Why are my hackernews posts not visible to anyone? - gauravsc

My hacker news posts are not visible to anyone except me, when I am logged In. Infact, when I log out, they are not visible to me too, Why, What sort of algorithm does hacker news use to display posts and filter them?
======
ColinWright
Firstly, what is the username you're claiming is invisible? I can certainly
see this post.

But apart from that, you have, for some reason, been "hell-banned". Without
seeing your posts and/or comments from around the time it happened I can't
offer any suggestions or advice as to why it happened. Do note that sometimes
it happens by accident. It happened to me the other day, and in a reply to an
email I sent asking about it, PG said I'd been "fat-fingered" by accident.

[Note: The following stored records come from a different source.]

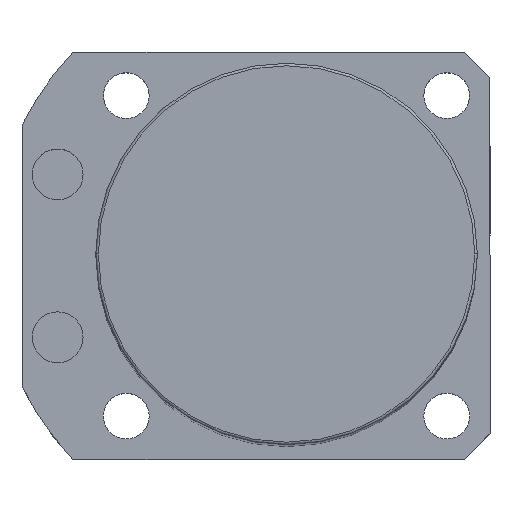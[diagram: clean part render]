
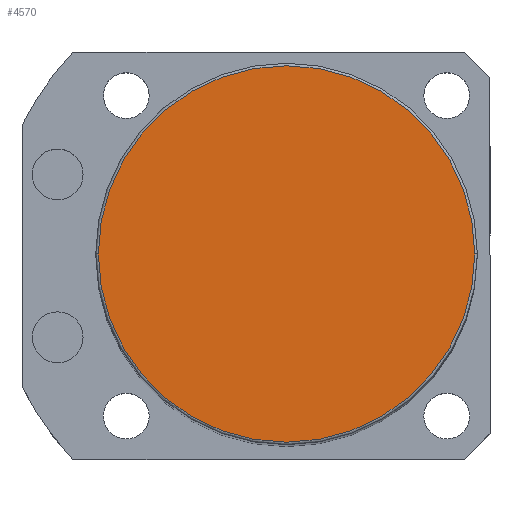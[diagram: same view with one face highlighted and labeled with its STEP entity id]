
A CAD part, top view. The second image highlights one B-rep face of the part: STEP entity #4570.
In plain terms, the highlighted planar face has unit normal (0, 0, 1).
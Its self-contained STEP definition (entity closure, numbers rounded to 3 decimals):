
#301 = DIRECTION ( 'NONE',  ( 0., 0., 1. ) ) ;
#1360 = CARTESIAN_POINT ( 'NONE',  ( 0., 0., 230.5 ) ) ;
#1556 = CARTESIAN_POINT ( 'NONE',  ( 0., 0., 230.5 ) ) ;
#1604 = AXIS2_PLACEMENT_3D ( 'NONE', #1556, #4113, #5658 ) ;
#1913 = EDGE_CURVE ( 'NONE', #2985, #4292, #4048, .T. ) ;
#2255 = ORIENTED_EDGE ( 'NONE', *, *, #6073, .T. ) ;
#2651 = AXIS2_PLACEMENT_3D ( 'NONE', #1360, #301, #6469 ) ;
#2985 = VERTEX_POINT ( 'NONE', #5378 ) ;
#3125 = EDGE_LOOP ( 'NONE', ( #2255, #3979 ) ) ;
#3979 = ORIENTED_EDGE ( 'NONE', *, *, #1913, .T. ) ;
#4048 = CIRCLE ( 'NONE', #1604, 37. ) ;
#4113 = DIRECTION ( 'NONE',  ( 0., 0., 1. ) ) ;
#4279 = CARTESIAN_POINT ( 'NONE',  ( 37., 0., 230.5 ) ) ;
#4292 = VERTEX_POINT ( 'NONE', #4279 ) ;
#4427 = PLANE ( 'NONE',  #2651 ) ;
#4469 = DIRECTION ( 'NONE',  ( 1., 0., 0. ) ) ;
#4570 = ADVANCED_FACE ( 'NONE', ( #5267 ), #4427, .T. ) ;
#4940 = CARTESIAN_POINT ( 'NONE',  ( 0., 0., 230.5 ) ) ;
#5141 = AXIS2_PLACEMENT_3D ( 'NONE', #4940, #5525, #4469 ) ;
#5267 = FACE_OUTER_BOUND ( 'NONE', #3125, .T. ) ;
#5378 = CARTESIAN_POINT ( 'NONE',  ( -37., 0., 230.5 ) ) ;
#5429 = CIRCLE ( 'NONE', #5141, 37. ) ;
#5525 = DIRECTION ( 'NONE',  ( 0., 0., 1. ) ) ;
#5658 = DIRECTION ( 'NONE',  ( 1., 0., 0. ) ) ;
#6073 = EDGE_CURVE ( 'NONE', #4292, #2985, #5429, .T. ) ;
#6469 = DIRECTION ( 'NONE',  ( 1., 0., 0. ) ) ;

With regards the algorithms, I have no inside knowledge, just deductions based
on what I've seen and some experiments I've run. However, if you consistently
get flagged, or get downvoted vigorously, I suspect there is an automatic
hell-ban, possibly preceded by a "slow-ban" (wherein everything slows down and
responds like molasses for a while). If PG was being completely honest (and
I'm not suggesting he wasn't, but as a mathematician I tend to try to cover
all bases) then some (and perhaps all) hell-bans are actually performed by the
moderators, possible in response to flags thrown up by automated detection
systems.

As an aside: Do you understand the effects of flags, downvotes, and their
differences?

So if you want to know more, perform searches for "hell-ban", "flag",
"downvote", "dead", and combinations thereof. You'll find plenty of
discussion, and considerable complaints. For one, I think that PG has done
remarkably well in keeping HN civil (although clearly not perfect) in the face
of popularity, and the occasional false-positive and draconian measure might
well be the price paid.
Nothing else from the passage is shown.